The neuroendocrine component, instead, showed a different molecular profile: ERBB2 mutations were found in both the cervix lesion and the liver metastasis. Furthermore, the metastatic lesion acquired PTEN and TP53 mutations. Mutations involving PTEN and TP53 genes are known to affect cervix neuroendocrine carcinomas. In 2020 Eskander and colleagues [7] studied a large cohort of patients with high-grade cervical neuroendocrine carcinomas; they found that the most frequent altered genes were PIK3CA, MYC, TP53, and PTEN and that the main interested pathways were PIK3CA/AKT/mTOR and RAS/MEK. In a recent work, Ordulu and colleagues found a similar set of mutations in a series of 14 NEN of the cervix, also including RB1 and MSH6 genes mutations [16]. However, ERBB2 mutations involving cervical neuroendocrine carcinomas are rarely reported in literature [5, 21]. It seems instead that ERBB2 mutations mainly affect other histotypes. Zammataro and coworkers analyzed the genomic landscape of a cohort of adeno- and squamous carcinoma of the cervix and noted that 14% of patients harbored recurrent somatic mutations involving ERBB2 gene [22]. They also studied ERBB2 as a possible therapeutic target using pan-HER inhibitors in preclinical xenograft models obtaining promising results: tumors with ERBB2 mutations were more sensitive to HER-inhibitors compared to wild-type tumors. These interesting findings suggest that cervical cancers harboring ERBB2 mutations might benefit from available HER2-inhibitors, and this can include high-grade neuroendocrine carcinomas and MiNENs carrying the same category of mutations. To confirm these hypotheses more studies investigating the molecular landscape of these neoplasms and clinical trials are needed.

Conclusions

MiNEN of the cervix are rare and aggressive tumors that mimic the behavior of pure high-grade neuroendocrine neoplasms. Affected women frequently present at an advanced stage. It is therefore essential to promptly recognize this entity to set up an appropriate treatment and a close follow-up. Unfortunately, in this specific case, the patient received a delayed diagnosis when the disease was already metastatic mainly because of the ongoing COVID-19 pandemic.
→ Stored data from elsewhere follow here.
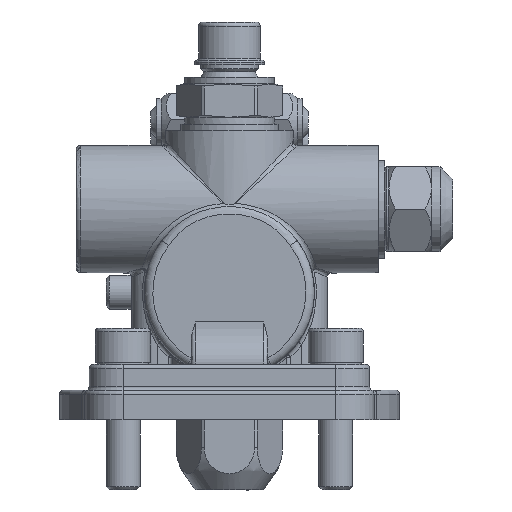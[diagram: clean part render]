
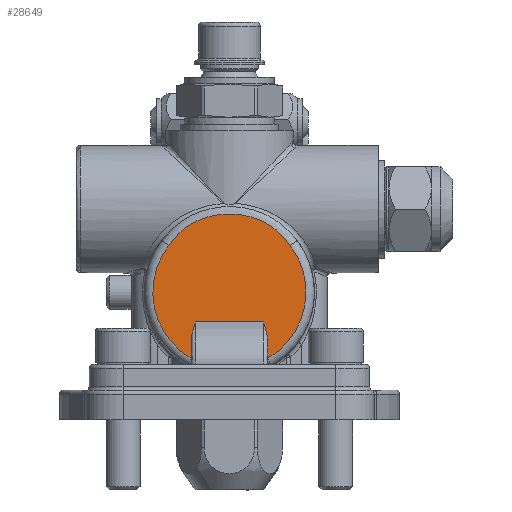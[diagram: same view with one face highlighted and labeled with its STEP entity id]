
A CAD part, left-side view. The second image highlights one B-rep face of the part: STEP entity #28649.
In plain terms, the highlighted planar face has unit normal (-1, 0, 0).
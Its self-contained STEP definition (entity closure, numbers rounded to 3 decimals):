
#23552=CARTESIAN_POINT('',(-25.5,-14.312,39.917));
#23553=VERTEX_POINT('',#23552);
#23561=CARTESIAN_POINT('',(-25.5,-9.,13.412));
#23562=VERTEX_POINT('',#23561);
#23563=CARTESIAN_POINT('',(-25.5,0.,29.));
#23564=DIRECTION('',(1.0,0.0,0.0));
#23565=DIRECTION('',(0.0,0.0,1.0));
#23566=AXIS2_PLACEMENT_3D('',#23563,#23564,#23565);
#23567=CIRCLE('',#23566,18.0);
#23568=EDGE_CURVE('',#23553,#23562,#23567,.T.);
#23647=CARTESIAN_POINT('',(-25.5,14.312,39.917));
#23648=VERTEX_POINT('',#23647);
#23656=CARTESIAN_POINT('',(-25.5,14.312,39.917));
#23657=CARTESIAN_POINT('',(-25.5,13.827,40.552));
#23658=CARTESIAN_POINT('',(-25.5,12.849,41.819));
#23659=CARTESIAN_POINT('',(-25.5,10.602,44.118));
#23660=CARTESIAN_POINT('',(-25.5,7.143,46.227));
#23661=CARTESIAN_POINT('',(-25.5,0.841,47.796));
#23662=CARTESIAN_POINT('',(-25.5,-5.727,47.051));
#23663=CARTESIAN_POINT('',(-25.5,-10.598,44.13));
#23664=CARTESIAN_POINT('',(-25.5,-12.839,41.827));
#23665=CARTESIAN_POINT('',(-25.5,-13.827,40.552));
#23666=CARTESIAN_POINT('',(-25.5,-14.312,39.917));
#23667=B_SPLINE_CURVE_WITH_KNOTS('',3,(#23656,#23657,#23658,#23659,#23660,#23661,#23662,#23663,#23664,#23665,#23666),.UNSPECIFIED.,.F.,.U.,(4,1,1,1,1,1,1,1,4),(0.,0.24,0.48,0.959,1.439,2.398,2.878,3.117,3.357),.UNSPECIFIED.);
#23668=EDGE_CURVE('',#23648,#23553,#23667,.T.);
#23703=CARTESIAN_POINT('',(-25.5,9.,13.412));
#23704=VERTEX_POINT('',#23703);
#23712=CARTESIAN_POINT('',(-25.5,0.,29.));
#23713=DIRECTION('',(1.0,0.0,0.0));
#23714=DIRECTION('',(0.0,0.0,1.0));
#23715=AXIS2_PLACEMENT_3D('',#23712,#23713,#23714);
#23716=CIRCLE('',#23715,18.0);
#23717=EDGE_CURVE('',#23704,#23648,#23716,.T.);
#26561=CARTESIAN_POINT('',(-25.5,-9.,17.417));
#26562=VERTEX_POINT('',#26561);
#26563=CARTESIAN_POINT('',(-25.5,-9.,17.417));
#26564=DIRECTION('',(0.0,0.0,-1.0));
#26565=VECTOR('',#26564,4.006);
#26566=LINE('',#26563,#26565);
#26567=EDGE_CURVE('',#26562,#23562,#26566,.T.);
#27676=CARTESIAN_POINT('',(-25.5,9.,17.417));
#27677=VERTEX_POINT('',#27676);
#27685=CARTESIAN_POINT('',(-25.5,9.,13.412));
#27686=DIRECTION('',(0.0,0.0,1.0));
#27687=VECTOR('',#27686,4.006);
#27688=LINE('',#27685,#27687);
#27689=EDGE_CURVE('',#23704,#27677,#27688,.T.);
#28090=CARTESIAN_POINT('',(-25.5,-8.,22.0));
#28091=VERTEX_POINT('',#28090);
#28092=CARTESIAN_POINT('',(-25.5,-8.,22.0));
#28093=CARTESIAN_POINT('',(-25.5,-8.447,20.588));
#28094=CARTESIAN_POINT('',(-25.5,-9.,18.899));
#28095=CARTESIAN_POINT('',(-25.5,-9.,17.417));
#28096=B_SPLINE_CURVE_WITH_KNOTS('',3,(#28092,#28093,#28094,#28095),.UNSPECIFIED.,.F.,.U.,(4,4),(0.0,0.444),.UNSPECIFIED.);
#28097=EDGE_CURVE('',#26562,#28091,#28096,.F.);
#28152=CARTESIAN_POINT('',(-25.5,8.,22.0));
#28153=VERTEX_POINT('',#28152);
#28154=CARTESIAN_POINT('',(-25.5,9.,17.417));
#28155=CARTESIAN_POINT('',(-25.5,9.,18.899));
#28156=CARTESIAN_POINT('',(-25.5,8.447,20.588));
#28157=CARTESIAN_POINT('',(-25.5,8.,22.0));
#28158=B_SPLINE_CURVE_WITH_KNOTS('',3,(#28154,#28155,#28156,#28157),.UNSPECIFIED.,.F.,.U.,(4,4),(0.913,1.357),.UNSPECIFIED.);
#28159=EDGE_CURVE('',#28153,#27677,#28158,.F.);
#28558=CARTESIAN_POINT('',(-25.5,-8.,22.0));
#28559=DIRECTION('',(0.0,1.0,0.0));
#28560=VECTOR('',#28559,16.);
#28561=LINE('',#28558,#28560);
#28562=EDGE_CURVE('',#28091,#28153,#28561,.T.);
#28634=CARTESIAN_POINT('',(-25.5,0.,29.));
#28635=DIRECTION('',(-1.0,0.0,0.0));
#28636=DIRECTION('',(0.0,0.0,1.0));
#28637=AXIS2_PLACEMENT_3D('',#28634,#28635,#28636);
#28638=PLANE('',#28637);
#28639=ORIENTED_EDGE('',*,*,#23717,.F.);
#28640=ORIENTED_EDGE('',*,*,#27689,.T.);
#28641=ORIENTED_EDGE('',*,*,#28159,.F.);
#28642=ORIENTED_EDGE('',*,*,#28562,.F.);
#28643=ORIENTED_EDGE('',*,*,#28097,.F.);
#28644=ORIENTED_EDGE('',*,*,#26567,.T.);
#28645=ORIENTED_EDGE('',*,*,#23568,.F.);
#28646=ORIENTED_EDGE('',*,*,#23668,.F.);
#28647=EDGE_LOOP('',(#28639,#28640,#28641,#28642,#28643,#28644,#28645,#28646));
#28648=FACE_OUTER_BOUND('',#28647,.T.);
#28649=ADVANCED_FACE('',(#28648),#28638,.T.);

Due to the rarity of the disease, there is a lack of data regarding its pathogenesis and molecular characteristics and the absence of specific therapeutic protocols. Molecular data in our case indicate that HPV was a key actor in the genesis of the disease that further developed following distinct genomic pathways, supporting the hypothesis that HPV would have caused the transformation of a common stem cell progenitor. Furthermore, the analysis of genetic mutations of the primitive and metastatic neuroendocrine component of the tumor allowed us to confirm the presence of known mutations involving cervix NEN, such as TP53 and PTEN gene mutations, and also found ERBB2 gene as a potential therapeutic target. Subsequent studies are needed to evaluate the presence of further possible targetable biomarkers that can be used for a personalized therapy of these rare neoplasms.